Comment by: Joe King on 9th November 2012 at 23:13

the final straw for Joe Tindall at the Gathurst Station Bar was whan he was shutting up for one night when there is a knock at the door. When he answers, a Tramp asks him for a toothpick. He gives him the toothpick and the tramp leaves.A few minutes later there is a second knock. When he answers, there is a second Tramp who also asks for a toothpick. He gets his toothpick and off he goes.There is a third knock at the door, and a third Tramp. The landlord says, "Don"t tell me, you want a toothpick too.""No, a straw," says the Tramp.The landlord gives him a straw but is curious as to why he wants it, so he asks the Tramp why he wants a straw and not a toothpick.To which the Tramp replies......"Some bloke just threw up outside but all the good stuff"s gone already".

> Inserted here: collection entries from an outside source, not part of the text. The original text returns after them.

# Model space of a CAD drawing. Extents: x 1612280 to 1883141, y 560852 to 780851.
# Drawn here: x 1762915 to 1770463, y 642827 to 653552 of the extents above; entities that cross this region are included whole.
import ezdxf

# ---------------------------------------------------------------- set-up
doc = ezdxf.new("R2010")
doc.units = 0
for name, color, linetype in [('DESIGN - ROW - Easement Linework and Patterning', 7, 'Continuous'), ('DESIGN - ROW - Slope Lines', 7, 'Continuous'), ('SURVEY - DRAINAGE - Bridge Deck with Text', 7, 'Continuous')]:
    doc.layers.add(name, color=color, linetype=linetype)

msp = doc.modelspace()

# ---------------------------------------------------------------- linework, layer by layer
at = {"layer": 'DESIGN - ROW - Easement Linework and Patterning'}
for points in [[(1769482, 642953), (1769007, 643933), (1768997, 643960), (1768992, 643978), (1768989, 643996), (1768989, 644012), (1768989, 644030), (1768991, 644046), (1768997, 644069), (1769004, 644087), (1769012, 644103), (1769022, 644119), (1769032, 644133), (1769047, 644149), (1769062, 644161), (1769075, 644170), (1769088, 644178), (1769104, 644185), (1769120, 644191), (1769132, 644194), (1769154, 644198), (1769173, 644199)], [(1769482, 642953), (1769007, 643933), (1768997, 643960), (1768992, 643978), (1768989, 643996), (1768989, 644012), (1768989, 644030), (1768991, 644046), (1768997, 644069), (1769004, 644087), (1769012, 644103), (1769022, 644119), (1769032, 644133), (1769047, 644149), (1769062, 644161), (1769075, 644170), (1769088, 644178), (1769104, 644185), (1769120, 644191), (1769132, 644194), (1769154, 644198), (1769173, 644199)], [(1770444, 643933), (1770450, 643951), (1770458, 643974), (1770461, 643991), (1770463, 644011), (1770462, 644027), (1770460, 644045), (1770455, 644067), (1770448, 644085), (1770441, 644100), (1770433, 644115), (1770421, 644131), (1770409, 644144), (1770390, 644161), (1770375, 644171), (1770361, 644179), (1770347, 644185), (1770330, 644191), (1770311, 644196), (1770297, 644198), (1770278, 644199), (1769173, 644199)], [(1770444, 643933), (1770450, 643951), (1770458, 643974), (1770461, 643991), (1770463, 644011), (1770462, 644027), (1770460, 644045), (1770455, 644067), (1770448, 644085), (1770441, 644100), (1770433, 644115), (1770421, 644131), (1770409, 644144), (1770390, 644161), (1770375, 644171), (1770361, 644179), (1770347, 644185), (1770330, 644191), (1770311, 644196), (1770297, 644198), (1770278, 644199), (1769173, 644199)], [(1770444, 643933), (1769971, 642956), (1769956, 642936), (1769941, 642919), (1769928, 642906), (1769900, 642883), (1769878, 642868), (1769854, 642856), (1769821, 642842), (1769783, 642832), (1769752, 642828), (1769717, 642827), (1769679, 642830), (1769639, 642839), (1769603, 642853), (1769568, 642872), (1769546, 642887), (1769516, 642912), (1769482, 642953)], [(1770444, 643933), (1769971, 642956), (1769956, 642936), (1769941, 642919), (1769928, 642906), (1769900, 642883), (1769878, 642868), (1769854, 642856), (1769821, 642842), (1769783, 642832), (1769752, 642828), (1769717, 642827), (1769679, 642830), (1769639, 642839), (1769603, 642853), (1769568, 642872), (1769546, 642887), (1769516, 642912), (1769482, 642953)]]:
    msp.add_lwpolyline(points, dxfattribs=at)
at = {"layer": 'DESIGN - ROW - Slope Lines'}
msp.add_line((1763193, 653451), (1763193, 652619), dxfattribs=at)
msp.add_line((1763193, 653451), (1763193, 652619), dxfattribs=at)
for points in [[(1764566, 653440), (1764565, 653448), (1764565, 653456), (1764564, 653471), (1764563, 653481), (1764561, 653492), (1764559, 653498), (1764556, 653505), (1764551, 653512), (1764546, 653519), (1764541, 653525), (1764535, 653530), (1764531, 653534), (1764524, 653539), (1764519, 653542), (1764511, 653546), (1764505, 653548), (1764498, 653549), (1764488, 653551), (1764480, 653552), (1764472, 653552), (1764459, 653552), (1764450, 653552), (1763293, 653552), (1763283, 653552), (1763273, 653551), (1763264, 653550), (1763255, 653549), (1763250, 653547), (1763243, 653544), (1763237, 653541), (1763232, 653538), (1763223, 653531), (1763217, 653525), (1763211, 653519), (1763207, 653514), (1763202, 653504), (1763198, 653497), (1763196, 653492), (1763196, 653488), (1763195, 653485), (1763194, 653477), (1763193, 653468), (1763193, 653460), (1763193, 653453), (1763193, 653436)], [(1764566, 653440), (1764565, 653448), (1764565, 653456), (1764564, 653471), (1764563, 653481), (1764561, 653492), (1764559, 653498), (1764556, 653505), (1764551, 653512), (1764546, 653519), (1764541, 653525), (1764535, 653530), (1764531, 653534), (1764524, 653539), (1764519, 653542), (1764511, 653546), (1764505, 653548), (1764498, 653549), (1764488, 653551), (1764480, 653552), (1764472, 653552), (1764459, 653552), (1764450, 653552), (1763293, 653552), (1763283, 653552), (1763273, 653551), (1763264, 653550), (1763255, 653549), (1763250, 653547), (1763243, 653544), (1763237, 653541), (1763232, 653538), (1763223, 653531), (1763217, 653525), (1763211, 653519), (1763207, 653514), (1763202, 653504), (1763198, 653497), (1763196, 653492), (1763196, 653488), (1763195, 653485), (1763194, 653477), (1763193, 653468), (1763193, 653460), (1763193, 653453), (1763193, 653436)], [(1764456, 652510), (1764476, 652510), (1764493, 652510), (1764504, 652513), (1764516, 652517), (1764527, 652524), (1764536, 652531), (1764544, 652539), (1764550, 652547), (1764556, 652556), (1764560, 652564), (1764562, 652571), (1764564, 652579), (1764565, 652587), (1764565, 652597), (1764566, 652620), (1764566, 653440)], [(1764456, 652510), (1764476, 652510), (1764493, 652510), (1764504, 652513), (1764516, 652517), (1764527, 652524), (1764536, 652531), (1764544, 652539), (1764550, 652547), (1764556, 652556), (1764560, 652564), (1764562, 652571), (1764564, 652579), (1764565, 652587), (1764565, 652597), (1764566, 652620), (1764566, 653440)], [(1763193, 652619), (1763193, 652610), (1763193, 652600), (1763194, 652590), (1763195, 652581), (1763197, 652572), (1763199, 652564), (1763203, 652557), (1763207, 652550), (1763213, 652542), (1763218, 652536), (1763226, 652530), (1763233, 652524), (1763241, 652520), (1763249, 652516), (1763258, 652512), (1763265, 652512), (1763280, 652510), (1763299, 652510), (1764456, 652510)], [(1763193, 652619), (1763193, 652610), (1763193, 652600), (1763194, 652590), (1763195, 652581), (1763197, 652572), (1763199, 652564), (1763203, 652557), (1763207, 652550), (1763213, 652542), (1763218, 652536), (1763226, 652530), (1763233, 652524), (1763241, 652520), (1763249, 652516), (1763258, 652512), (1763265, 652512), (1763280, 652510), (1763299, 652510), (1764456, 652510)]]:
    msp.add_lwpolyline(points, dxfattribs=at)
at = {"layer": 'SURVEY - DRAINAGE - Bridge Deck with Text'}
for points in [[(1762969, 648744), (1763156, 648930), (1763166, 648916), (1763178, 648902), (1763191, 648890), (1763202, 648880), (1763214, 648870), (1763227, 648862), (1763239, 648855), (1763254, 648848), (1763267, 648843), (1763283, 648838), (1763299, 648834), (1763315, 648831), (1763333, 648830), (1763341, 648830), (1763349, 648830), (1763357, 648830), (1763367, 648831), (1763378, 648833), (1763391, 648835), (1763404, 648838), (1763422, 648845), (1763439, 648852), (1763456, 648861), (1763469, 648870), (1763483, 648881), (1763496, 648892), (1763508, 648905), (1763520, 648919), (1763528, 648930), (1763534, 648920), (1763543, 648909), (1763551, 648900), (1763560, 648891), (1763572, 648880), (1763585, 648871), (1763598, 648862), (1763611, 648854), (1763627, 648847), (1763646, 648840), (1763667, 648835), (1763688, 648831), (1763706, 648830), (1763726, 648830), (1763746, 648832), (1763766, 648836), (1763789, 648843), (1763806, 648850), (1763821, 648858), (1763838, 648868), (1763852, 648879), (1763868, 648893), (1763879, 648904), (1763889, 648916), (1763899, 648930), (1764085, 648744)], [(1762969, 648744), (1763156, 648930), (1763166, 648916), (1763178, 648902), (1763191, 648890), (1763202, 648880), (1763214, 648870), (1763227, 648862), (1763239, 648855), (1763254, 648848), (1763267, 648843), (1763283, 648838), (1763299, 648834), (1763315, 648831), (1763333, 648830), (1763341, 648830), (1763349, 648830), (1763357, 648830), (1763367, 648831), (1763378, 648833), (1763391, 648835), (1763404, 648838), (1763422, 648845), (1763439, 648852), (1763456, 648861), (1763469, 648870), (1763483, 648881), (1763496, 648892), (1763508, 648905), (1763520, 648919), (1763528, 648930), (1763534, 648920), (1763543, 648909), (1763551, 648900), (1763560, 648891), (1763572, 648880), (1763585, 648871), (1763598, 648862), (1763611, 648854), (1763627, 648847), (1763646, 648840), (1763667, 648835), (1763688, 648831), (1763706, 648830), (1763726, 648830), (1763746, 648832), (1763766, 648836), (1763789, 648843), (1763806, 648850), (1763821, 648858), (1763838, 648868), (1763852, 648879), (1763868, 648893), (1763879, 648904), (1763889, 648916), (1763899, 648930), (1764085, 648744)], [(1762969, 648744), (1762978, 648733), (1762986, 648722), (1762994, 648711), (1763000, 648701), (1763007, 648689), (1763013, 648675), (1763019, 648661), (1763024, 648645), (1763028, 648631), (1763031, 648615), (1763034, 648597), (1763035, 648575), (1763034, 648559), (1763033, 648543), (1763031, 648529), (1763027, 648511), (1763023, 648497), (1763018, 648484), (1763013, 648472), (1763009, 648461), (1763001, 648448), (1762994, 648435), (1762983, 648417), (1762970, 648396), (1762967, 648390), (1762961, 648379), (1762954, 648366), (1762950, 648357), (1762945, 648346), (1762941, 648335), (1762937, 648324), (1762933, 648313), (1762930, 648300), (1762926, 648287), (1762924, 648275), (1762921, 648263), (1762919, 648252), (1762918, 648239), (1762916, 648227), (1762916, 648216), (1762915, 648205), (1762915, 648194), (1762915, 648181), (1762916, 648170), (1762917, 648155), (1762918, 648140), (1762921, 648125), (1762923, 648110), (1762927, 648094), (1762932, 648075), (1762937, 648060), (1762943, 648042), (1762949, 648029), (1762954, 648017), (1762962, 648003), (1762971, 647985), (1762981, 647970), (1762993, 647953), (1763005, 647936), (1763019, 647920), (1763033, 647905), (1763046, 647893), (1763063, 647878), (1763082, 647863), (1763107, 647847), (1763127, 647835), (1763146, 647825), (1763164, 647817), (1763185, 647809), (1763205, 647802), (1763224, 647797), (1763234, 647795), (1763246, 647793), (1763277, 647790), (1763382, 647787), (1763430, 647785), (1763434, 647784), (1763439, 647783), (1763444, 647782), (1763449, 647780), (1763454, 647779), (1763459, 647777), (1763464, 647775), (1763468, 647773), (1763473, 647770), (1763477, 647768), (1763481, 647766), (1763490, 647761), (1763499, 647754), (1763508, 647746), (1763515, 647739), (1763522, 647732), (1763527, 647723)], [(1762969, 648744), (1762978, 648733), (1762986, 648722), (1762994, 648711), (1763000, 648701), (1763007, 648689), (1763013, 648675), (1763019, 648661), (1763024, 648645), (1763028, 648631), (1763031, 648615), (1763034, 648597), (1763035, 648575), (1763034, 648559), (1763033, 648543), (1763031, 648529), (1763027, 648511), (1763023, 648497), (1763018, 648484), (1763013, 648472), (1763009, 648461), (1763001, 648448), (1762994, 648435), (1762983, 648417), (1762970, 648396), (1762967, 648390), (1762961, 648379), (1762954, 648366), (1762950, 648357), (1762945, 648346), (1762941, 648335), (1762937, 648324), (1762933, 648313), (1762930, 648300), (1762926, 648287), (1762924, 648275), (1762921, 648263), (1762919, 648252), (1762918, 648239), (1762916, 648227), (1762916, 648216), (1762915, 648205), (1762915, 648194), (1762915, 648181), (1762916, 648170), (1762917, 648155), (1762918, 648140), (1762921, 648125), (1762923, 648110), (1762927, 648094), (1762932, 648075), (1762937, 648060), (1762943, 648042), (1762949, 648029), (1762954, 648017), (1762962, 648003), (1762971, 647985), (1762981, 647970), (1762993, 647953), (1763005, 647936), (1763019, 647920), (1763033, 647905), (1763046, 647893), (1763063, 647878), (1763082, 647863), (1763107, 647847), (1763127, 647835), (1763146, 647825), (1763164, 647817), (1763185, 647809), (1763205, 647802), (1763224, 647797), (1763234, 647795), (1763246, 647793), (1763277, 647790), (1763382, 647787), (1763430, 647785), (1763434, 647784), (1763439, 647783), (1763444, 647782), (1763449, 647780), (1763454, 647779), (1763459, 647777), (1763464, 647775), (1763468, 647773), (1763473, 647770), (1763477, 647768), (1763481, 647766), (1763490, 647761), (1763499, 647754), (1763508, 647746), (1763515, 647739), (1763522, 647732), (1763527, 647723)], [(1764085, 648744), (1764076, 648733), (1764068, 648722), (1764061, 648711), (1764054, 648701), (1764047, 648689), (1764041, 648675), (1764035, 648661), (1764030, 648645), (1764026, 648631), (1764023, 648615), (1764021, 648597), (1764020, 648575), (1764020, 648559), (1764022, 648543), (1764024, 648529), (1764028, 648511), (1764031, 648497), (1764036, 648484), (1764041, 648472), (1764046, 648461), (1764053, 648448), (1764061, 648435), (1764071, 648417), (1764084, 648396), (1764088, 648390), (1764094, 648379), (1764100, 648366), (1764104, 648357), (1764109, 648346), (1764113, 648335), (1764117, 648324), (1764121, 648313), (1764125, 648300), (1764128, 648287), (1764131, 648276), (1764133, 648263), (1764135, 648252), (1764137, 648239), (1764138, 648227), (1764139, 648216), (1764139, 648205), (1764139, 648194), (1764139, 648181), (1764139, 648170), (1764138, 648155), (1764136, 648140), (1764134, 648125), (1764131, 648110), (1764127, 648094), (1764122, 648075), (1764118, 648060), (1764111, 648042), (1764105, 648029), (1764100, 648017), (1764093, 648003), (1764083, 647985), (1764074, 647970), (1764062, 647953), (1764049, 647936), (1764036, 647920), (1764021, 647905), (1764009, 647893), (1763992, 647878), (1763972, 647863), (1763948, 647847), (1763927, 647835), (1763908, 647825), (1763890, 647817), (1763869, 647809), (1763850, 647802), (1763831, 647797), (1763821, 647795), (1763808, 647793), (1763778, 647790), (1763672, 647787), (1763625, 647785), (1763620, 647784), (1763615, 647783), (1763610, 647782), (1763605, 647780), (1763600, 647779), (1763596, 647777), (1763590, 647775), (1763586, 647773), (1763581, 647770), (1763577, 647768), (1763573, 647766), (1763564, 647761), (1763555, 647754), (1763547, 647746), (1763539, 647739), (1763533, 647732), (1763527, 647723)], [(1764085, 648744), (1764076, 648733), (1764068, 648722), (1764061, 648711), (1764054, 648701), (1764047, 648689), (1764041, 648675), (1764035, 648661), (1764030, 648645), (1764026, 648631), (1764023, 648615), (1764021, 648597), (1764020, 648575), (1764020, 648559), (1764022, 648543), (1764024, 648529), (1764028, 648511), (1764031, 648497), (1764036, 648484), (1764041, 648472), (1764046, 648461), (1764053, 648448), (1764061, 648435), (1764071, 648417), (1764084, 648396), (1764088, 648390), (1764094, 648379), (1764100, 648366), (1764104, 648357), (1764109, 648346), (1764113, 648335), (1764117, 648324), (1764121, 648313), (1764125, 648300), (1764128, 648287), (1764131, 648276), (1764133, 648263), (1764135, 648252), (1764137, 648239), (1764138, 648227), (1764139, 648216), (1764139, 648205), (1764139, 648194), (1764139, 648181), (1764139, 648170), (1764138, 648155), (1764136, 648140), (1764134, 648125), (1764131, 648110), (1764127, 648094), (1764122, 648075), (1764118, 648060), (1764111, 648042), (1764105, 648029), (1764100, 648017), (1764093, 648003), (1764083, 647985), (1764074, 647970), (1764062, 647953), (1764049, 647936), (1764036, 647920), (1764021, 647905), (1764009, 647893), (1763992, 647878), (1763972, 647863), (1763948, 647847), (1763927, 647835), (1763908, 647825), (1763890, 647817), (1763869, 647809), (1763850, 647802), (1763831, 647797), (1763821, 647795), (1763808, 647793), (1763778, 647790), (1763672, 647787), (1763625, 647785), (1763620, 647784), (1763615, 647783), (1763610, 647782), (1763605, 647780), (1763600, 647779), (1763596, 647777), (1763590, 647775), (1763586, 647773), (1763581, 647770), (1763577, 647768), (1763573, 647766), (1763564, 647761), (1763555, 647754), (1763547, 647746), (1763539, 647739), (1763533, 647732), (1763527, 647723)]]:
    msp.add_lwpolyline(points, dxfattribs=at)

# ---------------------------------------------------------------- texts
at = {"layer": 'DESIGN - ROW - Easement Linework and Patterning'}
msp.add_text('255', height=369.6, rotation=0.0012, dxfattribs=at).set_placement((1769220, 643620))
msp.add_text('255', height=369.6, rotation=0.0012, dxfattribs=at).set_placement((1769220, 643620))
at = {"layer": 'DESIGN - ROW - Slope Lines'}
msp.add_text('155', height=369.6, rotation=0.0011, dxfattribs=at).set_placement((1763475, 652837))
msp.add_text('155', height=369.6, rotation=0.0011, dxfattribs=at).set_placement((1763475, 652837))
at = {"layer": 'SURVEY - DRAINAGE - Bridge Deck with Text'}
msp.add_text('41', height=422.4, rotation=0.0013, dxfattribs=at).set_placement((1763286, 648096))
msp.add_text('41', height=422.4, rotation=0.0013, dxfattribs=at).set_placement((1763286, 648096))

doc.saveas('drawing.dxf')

Comment by: Joe shumping on 10th November 2012 at 07:15

Why does everybody get my name wrong..

Comment by: Jo Brand (a.k.a. Margaret Wall) on 10th November 2012 at 09:12

Yes Joe Bugner, you've sussed me out!!
Seriously though, I think perhaps I was being a bit naive with my little tribute to Joe Lydon. I thought he was THE Joe Lydon posting a comment on Wigan World.
I'm obviously not in your "League" am I?!

Comment by: Joe Calzaghe on 10th November 2012 at 12:59

ignore that Joe Bugner, Margaret – I knock him out for you!

I too am in naivety play at Xmas!

Comment by: Shev Bolshevic on 10th November 2012 at 14:41

That tramp joke cracked me up.

Comment by: Colin Harlow on 9th April 2014 at 07:53

You have spoiled this lovely photo with silly ignorant irresponsible comments. My apologies to Peter Worthington on behalf of some mindless individual. Thanks for sharing these great set of pics of the Whelley loop, Peter.